Democrats are exploring adding a carbon tax to their massive $3.5 trillion budget bill as a way to offset some of the bill’s cost. Senate Finance Committee Chair Ron Wyden told CNN that Senate Majority Leader Chuck Schumer asked him to look at carbon pricing, and that discussions are ongoing.
“We’ve got a lot of senators who care deeply about it,” Wyden said. “We’ve been having those discussions.”
Wyden added he sees a carbon tax as complimentary to the array of clean energy tax credits his committee is also drafting, which would reward companies who reduce carbon emissions and save energy.
A carbon tax would be a way to reduce fossil fuel emissions and pay for other measures in the bill. The government would set a price for carbon emissions, and emitters would pay that price for each ton of carbon emitted.
It has long been favored by some Senate Democrats as an efficient and simple way to curb fossil fuel emissions, but the Biden administration has been hesitant to back it. A White House spokesperson didn’t immediately return a request for comment on the latest effort.
Wyden told CNN he’s looking at structuring a carbon price in a way that will be fair to middle class families, who he said might be concerned about how it could impact them. He’s looking at ways to redistribute some of the revenue back to taxpayers through cash payments.
“When you look at past efforts, what you always see is middle class people – because they know that a carbon tax will involve a transition – want to know specifically how they’re going to fare in terms of their budget and that means you’ve got to make them whole with the proceeds,” Wyden said.

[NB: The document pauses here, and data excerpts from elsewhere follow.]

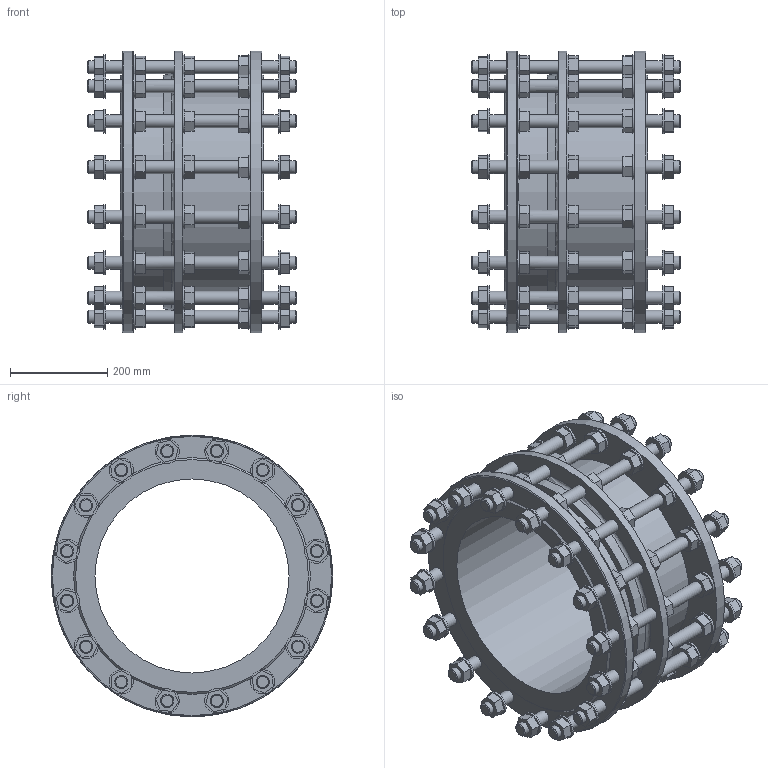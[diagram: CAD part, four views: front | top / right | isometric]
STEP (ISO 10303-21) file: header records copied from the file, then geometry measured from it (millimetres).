
FILE_DESCRIPTION (( 'STEP AP203' ), '1' );
FILE_NAME ('O_265_910_DN400_1XXXXX00_L=295_REV01.step', '2024-10-11T10:35:41', ( '' ), ( '' ), 'SwSTEP 2.0', 'SolidWorks 2022', '' );
FILE_SCHEMA (( 'CONFIG_CONTROL_DESIGN' ));
Length unit declared in the file: millimetre
Products named in the file (1): O_265_910_DN400_1XXXXX00_L=295_REV01
Bounding box: 430 x 580 x 580 mm (x, y, z)
Volume: 19333803.2 mm3; surface area: 2186248.8 mm2
Topology: 1 solids, 1 shells, 974 faces, 2336 edges, 1583 vertices
Faces by surface type: plane 752, cylinder 184, cone 35, torus 3
Full cylindrical faces by diameter (mm): 27 x96, 50 x80, 400 x1, 418 x1, 450 x1, 580 x3
Entity records: 26496 total; most frequent: CARTESIAN_POINT 4816, DIRECTION 4345, ORIENTED_EDGE 3974, EDGE_CURVE 1987, LINE 1547, VECTOR 1547, EDGE_LOOP 1479, VERTEX_POINT 1454

The New York Times first reported that Democrats were exploring the tax.
Where some moderates stand on this: What’s still unclear is whether two key Senate Democratic moderates – Sens. Kyrsten Sinema of Arizona and Joe Manchin of West Virginia – would support the measure. Sinema recently told the Arizona Republic that she supports tackling climate change, but opposes Democrats’ plans to increase the corporate and income tax rates. Manchin, who represents a coal state, is has said he doesn’t want to speed up the transition away from coal.
“The transition’s already happening,” Manchin told CNN. “So I’m not going to sit back and let anyone accelerate whatever the market’s changes are doing. Coal is the most reliable we have.”
Wyden said he’s involved in “collegial” climate negotiations with Manchin, but declined to say whether the West Virginia senator supports his clean energy tax credits.
“He and I talk all the time,” Wyden told CNN, adding, “I’m not going to get into our private conversations.”